Is the action of the Laplacian on the Schur polynomials known?

Question

Since the Laplace operator $$ \Delta=\frac{\partial^2}{\partial x_1^2}+\cdots+\frac{\partial^2}{\partial x_n^2} $$ preserves symmetric polynomials in $n$ variables, its action on the Schur polynomial $s_{\lambda} $ can again be expressed in terms of Schur polynomials $$ \Delta(s_\lambda) =\sum_{\mu} c_{\lambda \mu} s_\mu, $$ for some $\mu $ and $c_{\lambda \mu}.$

For the case $n=2, a>b+1$, I have empirically established the following explicit formula $$ \frac{1}{2} \Delta(s_{a,b})=\frac{b(b-1)}{2}s_{a,b-2}+b s_{a-1,b-1}+\left(\frac{a(a-1)}{2}+b+1 \right)s_{a-2,b} -\sum_{i=b+1}^{\left[\frac{a+b-2}{2}\right]} (a-2i+b-1) s_{a-i+b-2,i}. $$

I tried, considering that the action of $\Delta $ on the power sums $p_k$ is quite simple, to use the well-known decomposition of Schur polynomials through power sums (Murnaghan-Nakayama Rule) but so far without much success.

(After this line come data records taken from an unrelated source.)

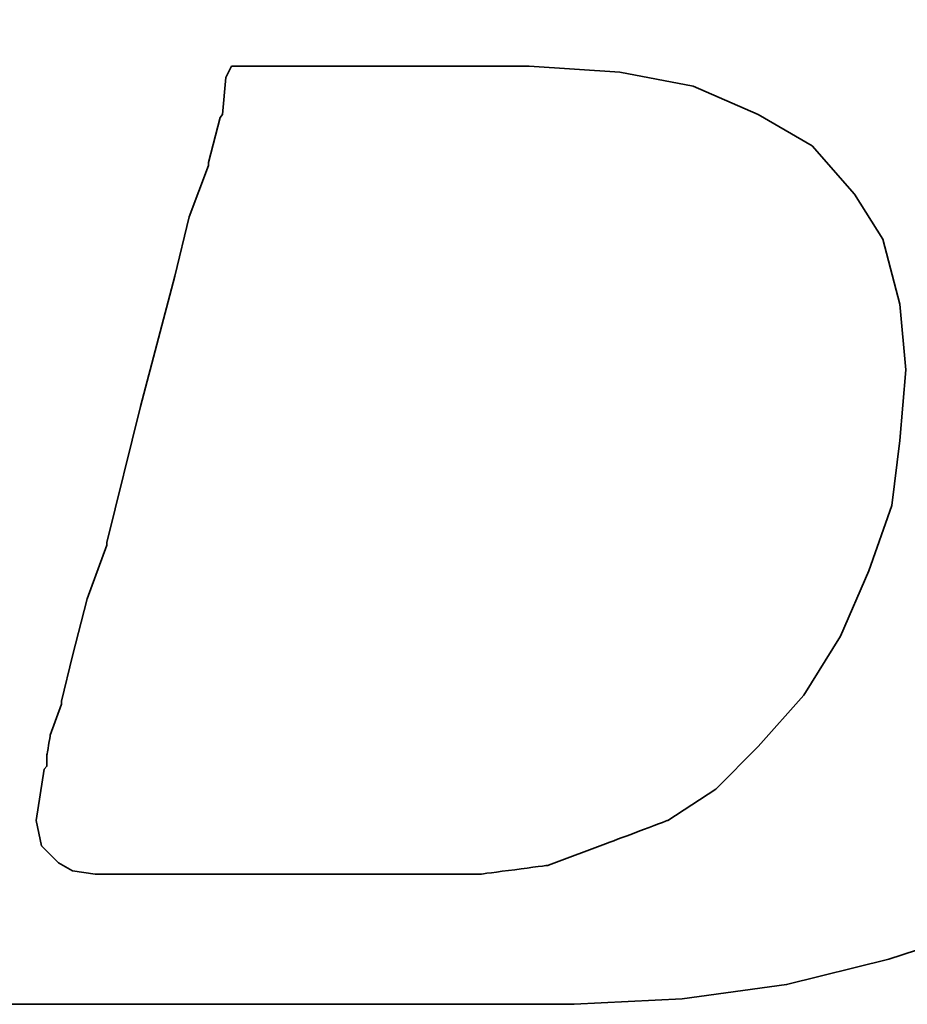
# Model space of a CAD drawing. Header units: millimetres. Extents: x -386 to 3135, y -1989 to 860.
# Tile 18 of 256: x -58.95 to -56.84, y -1958.34 to -1956.01. Entities that reach past the tile are written whole.
import ezdxf

# ---------------------------------------------------------------- set-up
doc = ezdxf.new("R2010")
doc.units = ezdxf.units.MM
doc.layers.add('DIM', color=4, linetype='CONTINUOUS')
doc.layers.add('layer 1', color=7, linetype='CONTINUOUS')

# ---------------------------------------------------------------- blocks, each defined once
blk = doc.blocks.new('TBI MOTION logo(完整正式版)')
at = {"layer": 'layer 1', "color": 22, "lineweight": 35}
for points, knots in [([(-64.65375, -6.86375), (-64.65375, -6.86375), (-64.84375, -7.29625), (-64.84375, -7.29625), (-64.84375, -7.29625), (-64.84375, -7.29625), (-64.86875, -7.34375), (-64.86875, -7.34375), (-64.86875, -7.34375), (-64.86875, -7.34375), (-64.86875, -7.36875), (-64.86875, -7.36875), (-64.86875, -7.36875), (-64.86875, -7.36875), (-65.15375, -7.65375), (-65.15375, -7.65375), (-65.15375, -7.65375), (-65.15375, -7.65375), (-65.17875, -7.65375), (-65.17875, -7.65375), (-65.17875, -7.65375), (-65.17875, -7.65375), (-65.20375, -7.67875), (-65.20375, -7.67875), (-65.20375, -7.67875), (-65.20375, -7.67875), (-65.58875, -7.87125), (-65.58875, -7.87125), (-65.58875, -7.87125), (-65.58875, -7.87125), (-65.63375, -7.87125), (-65.63375, -7.87125), (-65.63375, -7.87125), (-65.63375, -7.87125), (-65.65875, -7.89375), (-65.65875, -7.89375), (-65.65875, -7.89375), (-65.65875, -7.89375), (-66.09375, -7.94375), (-66.09375, -7.94375), (-66.09375, -7.94375), (-66.09375, -7.94375), (-66.11375, -7.94375), (-66.11375, -7.94375), (-66.11375, -7.94375), (-66.11375, -7.94375), (-66.16375, -7.94375), (-66.16375, -7.94375), (-66.16375, -7.94375), (-66.16375, -7.94375), (-66.30875, -7.94375), (-66.30875, -7.94375), (-66.30875, -7.94375), (-66.30875, -7.94375), (-66.69375, -7.94375), (-66.69375, -7.94375), (-66.69375, -7.94375), (-66.69375, -7.94375), (-67.07375, -7.94375), (-67.07375, -7.94375), (-67.07375, -7.94375), (-67.07375, -7.94375), (-67.12375, -7.94375), (-67.12375, -7.94375), (-67.12375, -7.94375), (-67.12375, -7.94375), (-67.12375, -7.96625), (-67.12375, -7.96625), (-67.12375, -7.96625), (-67.12375, -7.96625), (-67.14875, -7.99125), (-67.14875, -7.99125), (-67.14875, -7.99125), (-67.14875, -7.99125), (-67.24375, -8.34875), (-67.24375, -8.34875), (-67.24375, -8.34875), (-67.24375, -8.34875), (-67.31375, -8.68625), (-67.31375, -8.68625), (-67.31375, -8.68625), (-67.31375, -8.68625), (-67.26875, -8.68625), (-67.26875, -8.68625), (-67.26875, -8.68625), (-67.26875, -8.68625), (-67.07375, -8.68625), (-67.07375, -8.68625), (-67.07375, -8.68625), (-67.07375, -8.68625), (-66.54875, -8.68625), (-66.54875, -8.68625), (-66.54875, -8.68625), (-66.54875, -8.68625), (-65.82625, -8.68625), (-65.82625, -8.68625), (-65.82625, -8.68625), (-65.82625, -8.68625), (-65.01375, -8.68625), (-65.01375, -8.68625), (-65.01375, -8.68625), (-65.01375, -8.68625), (-64.05375, -8.68625), (-64.05375, -8.68625), (-64.05375, -8.68625), (-64.05375, -8.68625), (-62.08375, -8.68625), (-62.08375, -8.68625), (-62.08375, -8.68625), (-62.08375, -8.68625), (-60.06875, -8.68625), (-60.06875, -8.68625), (-60.06875, -8.68625), (-60.06875, -8.68625), (-59.10875, -8.68625), (-59.10875, -8.68625), (-59.10875, -8.68625), (-59.10875, -8.68625), (-58.29375, -8.68625), (-58.29375, -8.68625), (-58.29375, -8.68625), (-58.29375, -8.68625), (-57.57375, -8.68625), (-57.57375, -8.68625), (-57.57375, -8.68625), (-57.57375, -8.68625), (-57.04875, -8.68625), (-57.04875, -8.68625), (-57.04875, -8.68625), (-57.04875, -8.68625), (-56.85375, -8.68625), (-56.85375, -8.68625), (-56.85375, -8.68625), (-56.85375, -8.68625), (-56.70875, -8.68625), (-56.70875, -8.68625), (-56.70875, -8.68625), (-56.70875, -8.68625), (-56.61375, -8.68625), (-56.61375, -8.68625), (-56.61375, -8.68625), (-56.61375, -8.68625), (-56.56875, -8.68625), (-56.56875, -8.68625), (-56.56875, -8.68625), (-56.56875, -8.68625), (-55.65375, -8.63875), (-55.65375, -8.63875), (-55.65375, -8.63875), (-55.65375, -8.63875), (-54.76875, -8.51875), (-54.76875, -8.51875), (-54.76875, -8.51875), (-54.76875, -8.51875), (-53.90375, -8.30375), (-53.90375, -8.30375), (-53.90375, -8.30375), (-53.90375, -8.30375), (-53.08875, -8.03875), (-53.08875, -8.03875), (-53.08875, -8.03875), (-53.08875, -8.03875), (-52.34375, -7.65375), (-52.34375, -7.65375), (-52.34375, -7.65375), (-52.34375, -7.65375), (-51.69875, -7.29625), (-51.69875, -7.29625), (-51.69875, -7.29625), (-51.69875, -7.29625), (-51.21875, -6.91125), (-51.21875, -6.91125), (-51.21875, -6.91125), (-51.21875, -6.91125), (-50.83375, -6.50375), (-50.83375, -6.50375), (-50.83375, -6.50375), (-50.83375, -6.50375), (-50.44875, -5.94875), (-50.44875, -5.94875), (-50.44875, -5.94875), (-50.44875, -5.94875), (-50.13875, -5.30375), (-50.13875, -5.30375), (-50.13875, -5.30375), (-50.13875, -5.30375), (-49.99375, -4.65375), (-49.99375, -4.65375), (-49.99375, -4.65375), (-49.99375, -4.65375), (-49.92375, -3.98375), (-49.92375, -3.98375), (-49.92375, -3.98375), (-49.92375, -3.98375), (-49.99375, -3.19374), (-49.99375, -3.19374), (-49.99375, -3.19374), (-49.99375, -3.19374), (-50.23374, -2.44874), (-50.23374, -2.44874), (-50.23374, -2.44874), (-50.23374, -2.44874), (-50.59375, -1.87374), (-50.59375, -1.87374), (-50.59375, -1.87374), (-50.59375, -1.87374), (-51.09875, -1.31874), (-51.09875, -1.31874), (-51.09875, -1.31874), (-51.09875, -1.31874), (-51.74375, -0.81875), (-51.74375, -0.81875), (-51.74375, -0.81875), (-51.74375, -0.81875), (-52.53875, -0.48125), (-52.53875, -0.48125), (-52.53875, -0.48125), (-52.53875, -0.48125), (-53.47375, -0.21875), (-53.47375, -0.21875), (-53.47375, -0.21875), (-53.47375, -0.21875), (-54.52875, -0.04874), (-54.52875, -0.04874), (-54.52875, -0.04874), (-54.52875, -0.04874), (-55.65375, 0.12125), (-55.65375, 0.12125), (-55.65375, 0.12125), (-55.65375, 0.12125), (-54.50375, 0.28624), (-54.50375, 0.28624), (-54.50375, 0.28624), (-54.50375, 0.28624), (-53.83375, 0.38124), (-53.83375, 0.38124), (-53.83375, 0.38124), (-53.83375, 0.38124), (-53.18375, 0.50125), (-53.18375, 0.50125), (-53.18375, 0.50125), (-53.18375, 0.50125), (-52.55875, 0.66874), (-52.55875, 0.66874), (-52.55875, 0.66874), (-52.55875, 0.66874), (-52.03375, 0.86124), (-52.03375, 0.86124), (-52.03375, 0.86124), (-52.03375, 0.86124), (-51.50374, 1.03124), (-51.50374, 1.03124), (-51.50374, 1.03124), (-51.50374, 1.03124), (-51.09875, 1.27125), (-51.09875, 1.27125), (-51.09875, 1.27125), (-51.09875, 1.27125), (-50.71375, 1.48624), (-50.71375, 1.48624), (-50.71375, 1.48624), (-50.71375, 1.48624), (-50.37625, 1.77625), (-50.37625, 1.77625), (-50.37625, 1.77625), (-50.37625, 1.77625), (-49.82375, 2.37625), (-49.82375, 2.37625), (-49.82375, 2.37625), (-49.82375, 2.37625), (-49.41875, 2.99625), (-49.41875, 2.99625), (-49.41875, 2.99625), (-49.41875, 2.99625), (-49.22375, 3.76625), (-49.22375, 3.76625), (-49.22375, 3.76625), (-49.22375, 3.76625), (-49.15375, 4.50874), (-49.15375, 4.50874), (-49.15375, 4.50874), (-49.15375, 4.50874), (-49.20375, 5.25125), (-49.20375, 5.25125), (-49.20375, 5.25125), (-49.20375, 5.25125), (-49.41875, 5.92625), (-49.41875, 5.92625), (-49.41875, 5.92625), (-49.41875, 5.92625), (-49.77875, 6.47625), (-49.77875, 6.47625), (-49.77875, 6.47625), (-49.77875, 6.47625), (-50.33125, 7.02624), (-50.33125, 7.02624), (-50.33125, 7.02624), (-50.33125, 7.02624), (-51.00125, 7.43625), (-51.00125, 7.43625), (-51.00125, 7.43625), (-51.00125, 7.43625), (-51.79375, 7.72625), (-51.79375, 7.72625), (-51.79375, 7.72625), (-51.79375, 7.72625), (-52.72875, 7.89124), (-52.72875, 7.89124), (-52.72875, 7.89124), (-52.72875, 7.89124), (-53.83375, 7.98625), (-53.83375, 7.98625), (-53.83375, 7.98625), (-53.83375, 7.98625), (-53.92875, 7.98625), (-53.92875, 7.98625), (-53.92875, 7.98625), (-53.92875, 7.98625), (-54.26375, 7.98625), (-54.26375, 7.98625), (-54.26375, 7.98625), (-54.26375, 7.98625), (-54.74375, 7.98625), (-54.74375, 7.98625), (-54.74375, 7.98625), (-54.74375, 7.98625), (-55.36875, 7.98625), (-55.36875, 7.98625), (-55.36875, 7.98625), (-55.36875, 7.98625), (-56.13375, 7.98625), (-56.13375, 7.98625), (-56.13375, 7.98625), (-56.13375, 7.98625), (-56.94875, 7.98625), (-56.94875, 7.98625), (-56.94875, 7.98625), (-56.94875, 7.98625), (-58.77625, 7.98625), (-58.77625, 7.98625), (-58.77625, 7.98625), (-58.77625, 7.98625), (-60.59875, 7.98625), (-60.59875, 7.98625), (-60.59875, 7.98625), (-60.59875, 7.98625), (-61.41375, 7.98625), (-61.41375, 7.98625), (-61.41375, 7.98625), (-61.41375, 7.98625), (-62.17875, 7.98625), (-62.17875, 7.98625), (-62.17875, 7.98625), (-62.17875, 7.98625), (-62.80375, 7.98625), (-62.80375, 7.98625), (-62.80375, 7.98625), (-62.80375, 7.98625), (-63.30625, 7.98625), (-63.30625, 7.98625), (-63.30625, 7.98625), (-63.30625, 7.98625), (-63.57375, 7.98625), (-63.57375, 7.98625), (-63.57375, 7.98625), (-63.57375, 7.98625), (-63.57375, 7.96375), (-63.57375, 7.96375), (-63.57375, 7.96375), (-63.57375, 7.96375), (-63.59875, 7.94125), (-63.59875, 7.94125), (-63.59875, 7.94125), (-63.59875, 7.94125), (-63.69375, 7.55625), (-63.69375, 7.55625), (-63.69375, 7.55625), (-63.69375, 7.55625), (-63.76375, 7.24624), (-63.76375, 7.24624), (-63.76375, 7.24624), (-63.76375, 7.24624), (-63.23875, 7.24624), (-63.23875, 7.24624), (-63.23875, 7.24624), (-63.23875, 7.24624), (-62.75875, 7.24624), (-62.75875, 7.24624), (-62.75875, 7.24624), (-62.75875, 7.24624), (-62.61125, 7.24624), (-62.61125, 7.24624), (-62.61125, 7.24624), (-62.61125, 7.24624), (-62.56625, 7.24624), (-62.56625, 7.24624), (-62.56625, 7.24624), (-62.56625, 7.24624), (-62.22875, 7.24624), (-62.22875, 7.24624), (-62.22875, 7.24624), (-62.22875, 7.24624), (-62.20375, 7.24624), (-62.20375, 7.24624), (-62.20375, 7.24624), (-62.20375, 7.24624), (-62.17875, 7.21875), (-62.17875, 7.21875), (-62.17875, 7.21875), (-62.17875, 7.21875), (-61.96375, 7.17125), (-61.96375, 7.17125), (-61.96375, 7.17125), (-61.96375, 7.17125), (-61.72375, 7.12624), (-61.72375, 7.12624), (-61.72375, 7.12624), (-61.72375, 7.12624), (-61.70375, 7.12624), (-61.70375, 7.12624), (-61.70375, 7.12624), (-61.70375, 7.12624), (-61.55875, 7.07624), (-61.55875, 7.07624), (-61.55875, 7.07624), (-61.55875, 7.07624), (-61.50875, 7.07624), (-61.50875, 7.07624), (-61.50875, 7.07624), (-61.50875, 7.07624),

Question. Is anything known about $\Delta(s_\lambda)$ for $n>2$?

Answer 1

Just a comment, but 59 characters too long:

Here is an idea that may be useful. Let $x=(x_1,\dots,x_n)$ and $y=(y_1,y_2,\dots)$. We know that $$ C(x,y):=\sum_\lambda s_\lambda(x)s_\lambda(y) =\exp \sum_{k\geq 1}\frac 1kp_k(x)p_k(y). $$ We can compute the Laplacian of the right-hand side (in the $x$ variables). It will be of the form $P\cdot C(x,y)$, where $P$ is a polynomial in the $p_i(x)$'s and $p_i(y)$'s. One can (in principle, at any rate) use the Murnaghan-Nakayama rule to express $P\cdot C(x,y)$ in terms of Schur functions only. Then take the coefficient of $s_\lambda(y)$ (which will require the Littlewood-Richardson rule). This looks pretty messy, but maybe something can be said.